Addressing Public Concerns
And while in-depth polls tell us that across the Western nations, unauthorized entry is currently the biggest national issue – and it's clear that it must promptly be managed effectively – the snapshots of opinion also tell us that the public are even more worried by what is happening in their personal circumstances and within their immediate neighborhoods. Recently, the UK Prime Minister spoke movingly about how what’s positive in the nation can drive out what’s bad, doing so precisely because in most western countries, “dysfunctional” and “in decline” are the words people have for years most frequently used when asked about both our economy and society.
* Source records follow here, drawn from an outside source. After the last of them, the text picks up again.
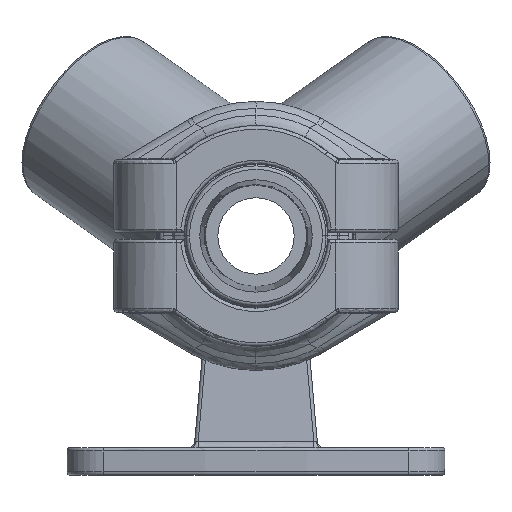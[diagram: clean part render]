
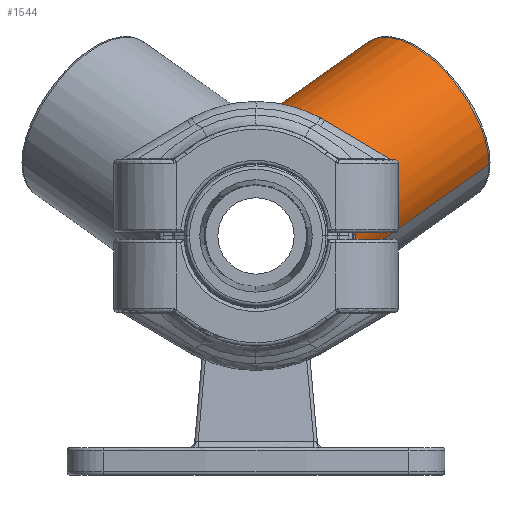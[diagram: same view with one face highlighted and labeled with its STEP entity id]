
A CAD part, left-side view. The second image highlights one B-rep face of the part: STEP entity #1544.
In plain terms, the highlighted cylindrical face has radius 13.5 mm (diameter 27 mm), a partial arc.
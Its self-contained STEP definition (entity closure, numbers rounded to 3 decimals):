
#399=B_SPLINE_CURVE_WITH_KNOTS('',3,(#11671,#11672,#11673,#11674,#11675),
 .UNSPECIFIED.,.F.,.F.,(4,1,4),(0.,0.5,1.),.UNSPECIFIED.);
#400=B_SPLINE_CURVE_WITH_KNOTS('',3,(#11677,#11678,#11679,#11680),.UNSPECIFIED.,
 .F.,.F.,(4,4),(0.,1.),.UNSPECIFIED.);
#401=B_SPLINE_CURVE_WITH_KNOTS('',3,(#11682,#11683,#11684,#11685,#11686,
#11687,#11688,#11689,#11690,#11691,#11692,#11693,#11694,#11695,#11696,#11697,
#11698,#11699,#11700,#11701,#11702,#11703,#11704,#11705,#11706,#11707,#11708,
#11709),.UNSPECIFIED.,.F.,.F.,(4,2,2,2,2,2,2,2,2,2,2,2,2,4),(0.,0.125,
0.188,0.219,0.25,0.375,
0.438,0.469,0.5,0.625,
0.688,0.719,0.75,1.),.UNSPECIFIED.);
#402=B_SPLINE_CURVE_WITH_KNOTS('',3,(#11711,#11712,#11713,#11714,#11715,
#11716,#11717,#11718,#11719,#11720,#11721,#11722,#11723,#11724,#11725,#11726,
#11727,#11728,#11729,#11730,#11731,#11732,#11733,#11734,#11735,#11736,#11737,
#11738,#11739,#11740,#11741),.UNSPECIFIED.,.F.,.F.,(4,2,2,2,2,2,2,2,2,2,
2,2,1,2,2,4),(0.,0.125,0.187,0.219,0.234,
0.25,0.375,0.437,0.469,
0.5,0.625,0.687,0.719,
0.734,0.75,1.),.UNSPECIFIED.);
#403=B_SPLINE_CURVE_WITH_KNOTS('',3,(#11743,#11744,#11745,#11746,#11747,
#11748,#11749,#11750,#11751,#11752),.UNSPECIFIED.,.F.,.F.,(4,2,2,2,4),(0.,
0.25,0.375,0.5,1.),.UNSPECIFIED.);
#844=CYLINDRICAL_SURFACE('',#8599,13.5);
#1028=FACE_OUTER_BOUND('',#2948,.T.);
#1544=ADVANCED_FACE('',(#1028),#844,.T.);
#2165=LINE('',#11565,#2518);
#2166=LINE('',#11669,#2519);
#2518=VECTOR('',#9540,1.);
#2519=VECTOR('',#9541,1.);
#2948=EDGE_LOOP('',(#3640,#3641,#3642,#3643,#3644,#3645,#3646,#3647));
#3640=ORIENTED_EDGE('',*,*,#6863,.T.);
#3641=ORIENTED_EDGE('',*,*,#6864,.T.);
#3642=ORIENTED_EDGE('',*,*,#6865,.T.);
#3643=ORIENTED_EDGE('',*,*,#6866,.T.);
#3644=ORIENTED_EDGE('',*,*,#6867,.T.);
#3645=ORIENTED_EDGE('',*,*,#6868,.T.);
#3646=ORIENTED_EDGE('',*,*,#6859,.T.);
#3647=ORIENTED_EDGE('',*,*,#6856,.F.);
#6078=VERTEX_POINT('',#11558);
#6079=VERTEX_POINT('',#11560);
#6080=VERTEX_POINT('',#11566);
#6083=VERTEX_POINT('',#11668);
#6084=VERTEX_POINT('',#11676);
#6085=VERTEX_POINT('',#11681);
#6086=VERTEX_POINT('',#11710);
#6087=VERTEX_POINT('',#11742);
#6856=EDGE_CURVE('',#6078,#6079,#8093,.T.);
#6859=EDGE_CURVE('',#6080,#6079,#2165,.T.);
#6863=EDGE_CURVE('',#6078,#6083,#2166,.T.);
#6864=EDGE_CURVE('',#6083,#6084,#399,.T.);
#6865=EDGE_CURVE('',#6084,#6085,#400,.T.);
#6866=EDGE_CURVE('',#6085,#6086,#401,.T.);
#6867=EDGE_CURVE('',#6086,#6087,#402,.T.);
#6868=EDGE_CURVE('',#6087,#6080,#403,.T.);
#8093=CIRCLE('',#8593,13.5);
#8593=AXIS2_PLACEMENT_3D('',#11559,#9530,#9531);
#8599=AXIS2_PLACEMENT_3D('',#11753,#9544,#9545);
#9530=DIRECTION('',(0.5,-0.707,0.5));
#9531=DIRECTION('',(0.5,0.707,0.5));
#9540=DIRECTION('',(0.5,-0.707,0.5));
#9541=DIRECTION('',(-0.5,0.707,-0.5));
#9544=DIRECTION('',(0.5,-0.707,0.5));
#9545=DIRECTION('',(0.5,0.707,0.5));
#11558=CARTESIAN_POINT('',(73.75,-14.496,23.75));
#11559=CARTESIAN_POINT('',(67.,-24.042,17.));
#11560=CARTESIAN_POINT('',(60.25,-33.588,10.25));
#11565=CARTESIAN_POINT('',(46.151,-13.649,-3.849));
#11566=CARTESIAN_POINT('',(46.151,-13.649,-3.849));
#11668=CARTESIAN_POINT('',(64.484,-1.392,14.484));
#11669=CARTESIAN_POINT('',(73.75,-14.496,23.75));
#11671=CARTESIAN_POINT('',(64.484,-1.392,14.484));
#11672=CARTESIAN_POINT('',(64.38,-1.318,14.484));
#11673=CARTESIAN_POINT('',(64.173,-1.172,14.482));
#11674=CARTESIAN_POINT('',(63.972,-1.032,14.478));
#11675=CARTESIAN_POINT('',(63.873,-0.963,14.476));
#11676=CARTESIAN_POINT('',(63.873,-0.963,14.476));
#11677=CARTESIAN_POINT('',(63.873,-0.963,14.476));
#11678=CARTESIAN_POINT('',(63.749,-0.877,14.473));
#11679=CARTESIAN_POINT('',(63.624,-0.791,14.469));
#11680=CARTESIAN_POINT('',(63.5,-0.707,14.465));
#11681=CARTESIAN_POINT('',(63.5,-0.707,14.465));
#11682=CARTESIAN_POINT('',(63.5,-0.707,14.465));
#11683=CARTESIAN_POINT('',(62.907,-0.704,14.975));
#11684=CARTESIAN_POINT('',(62.242,-0.698,15.416));
#11685=CARTESIAN_POINT('',(61.148,-0.684,15.96));
#11686=CARTESIAN_POINT('',(60.768,-0.679,16.121));
#11687=CARTESIAN_POINT('',(60.174,-0.669,16.332));
#11688=CARTESIAN_POINT('',(59.973,-0.666,16.397));
#11689=CARTESIAN_POINT('',(59.562,-0.658,16.517));
#11690=CARTESIAN_POINT('',(59.312,-0.654,16.581));
#11691=CARTESIAN_POINT('',(58.462,-0.637,16.778));
#11692=CARTESIAN_POINT('',(57.74,-0.621,16.88));
#11693=CARTESIAN_POINT('',(56.603,-0.594,16.944));
#11694=CARTESIAN_POINT('',(56.215,-0.585,16.95));
#11695=CARTESIAN_POINT('',(55.621,-0.57,16.935));
#11696=CARTESIAN_POINT('',(55.421,-0.564,16.926));
#11697=CARTESIAN_POINT('',(55.017,-0.553,16.9));
#11698=CARTESIAN_POINT('',(54.77,-0.547,16.879));
#11699=CARTESIAN_POINT('',(53.954,-0.524,16.796));
#11700=CARTESIAN_POINT('',(53.274,-0.504,16.687));
#11701=CARTESIAN_POINT('',(52.221,-0.471,16.452));
#11702=CARTESIAN_POINT('',(51.864,-0.46,16.363));
#11703=CARTESIAN_POINT('',(51.321,-0.443,16.209));
#11704=CARTESIAN_POINT('',(51.139,-0.437,16.155));
#11705=CARTESIAN_POINT('',(50.773,-0.424,16.041));
#11706=CARTESIAN_POINT('',(50.555,-0.417,15.969));
#11707=CARTESIAN_POINT('',(49.182,-0.371,15.498));
#11708=CARTESIAN_POINT('',(47.868,-0.323,14.924));
#11709=CARTESIAN_POINT('',(46.5,-0.269,14.156));
#11710=CARTESIAN_POINT('',(46.5,-0.269,14.156));
#11711=CARTESIAN_POINT('',(46.5,-0.269,14.156));
#11712=CARTESIAN_POINT('',(45.963,-1.241,14.17));
#11713=CARTESIAN_POINT('',(45.539,-2.122,14.081));
#11714=CARTESIAN_POINT('',(45.033,-3.263,13.889));
#11715=CARTESIAN_POINT('',(44.886,-3.614,13.814));
#11716=CARTESIAN_POINT('',(44.692,-4.094,13.697));
#11717=CARTESIAN_POINT('',(44.632,-4.246,13.657));
#11718=CARTESIAN_POINT('',(44.548,-4.463,13.596));
#11719=CARTESIAN_POINT('',(44.521,-4.533,13.575));
#11720=CARTESIAN_POINT('',(44.468,-4.67,13.535));
#11721=CARTESIAN_POINT('',(44.453,-4.708,13.523));
#11722=CARTESIAN_POINT('',(44.139,-5.536,13.261));
#11723=CARTESIAN_POINT('',(43.9,-6.235,12.971));
#11724=CARTESIAN_POINT('',(43.597,-7.221,12.47));
#11725=CARTESIAN_POINT('',(43.506,-7.539,12.292));
#11726=CARTESIAN_POINT('',(43.382,-7.999,12.011));
#11727=CARTESIAN_POINT('',(43.343,-8.15,11.914));
#11728=CARTESIAN_POINT('',(43.269,-8.445,11.718));
#11729=CARTESIAN_POINT('',(43.241,-8.557,11.641));
#11730=CARTESIAN_POINT('',(43.04,-9.429,11.009));
#11731=CARTESIAN_POINT('',(42.925,-10.074,10.439));
#11732=CARTESIAN_POINT('',(42.824,-10.948,9.509));
#11733=CARTESIAN_POINT('',(42.801,-11.224,9.186));
#11734=CARTESIAN_POINT('',(42.785,-11.613,8.684));
#11735=CARTESIAN_POINT('',(42.781,-11.801,8.43));
#11736=CARTESIAN_POINT('',(42.784,-11.98,8.169));
#11737=CARTESIAN_POINT('',(42.787,-12.097,7.994));
#11738=CARTESIAN_POINT('',(42.788,-12.127,7.949));
#11739=CARTESIAN_POINT('',(42.864,-13.554,5.703));
#11740=CARTESIAN_POINT('',(43.351,-14.373,3.05));
#11741=CARTESIAN_POINT('',(44.337,-14.328,0.256));
#11742=CARTESIAN_POINT('',(44.337,-14.328,0.256));
#11743=CARTESIAN_POINT('',(44.337,-14.328,0.256));
#11744=CARTESIAN_POINT('',(44.452,-14.322,-0.07));
#11745=CARTESIAN_POINT('',(44.576,-14.305,-0.406));
#11746=CARTESIAN_POINT('',(44.779,-14.26,-0.922));
#11747=CARTESIAN_POINT('',(44.85,-14.241,-1.096));
#11748=CARTESIAN_POINT('',(44.996,-14.197,-1.449));
#11749=CARTESIAN_POINT('',(45.089,-14.165,-1.666));
#11750=CARTESIAN_POINT('',(45.398,-14.049,-2.37));
#11751=CARTESIAN_POINT('',(45.721,-13.9,-3.063));
#11752=CARTESIAN_POINT('',(46.151,-13.649,-3.849));
#11753=CARTESIAN_POINT('',(50.,0.,0.));

But as the prime minister also pointed out, the extreme right is more interested in exploiting grievances than ending them. Nigel Farage praised a ill-fated economic plan as “the best Conservative budget” since the 1980s. But he would also enact a similar plan – what was planned – the biggest ever cuts in government programs. Reform’s plan to cut government expenditure by £275bn would not repair struggling areas but damage them, create social division and destroy any sense of unity. Under a far-right government, you will not be able to afford to be sick, disabled, poor or vulnerable. Continually from now on, and in every electoral district, the party should be asked which medical facility, which school and which government service will be the first to be cut or closed.
Risks and Solutions
“Faragism” is economic theory at its most cruel, more harmful even than monetarism, and spiteful far beyond fiscal restraint. What the public are indicating all over the Western world is that they want their governments to restore our economies and our communities. “Reform” and its international partners should be exposed day after day for policies that would devastate both. And for those of us who believe our greatest achievements could be ahead of us, we can go beyond pointing out the party's contradictions by presenting a case for a improved nation that resonates not just to visionaries, but to pragmatists, to self-interest, and to the daily kindness of the British people.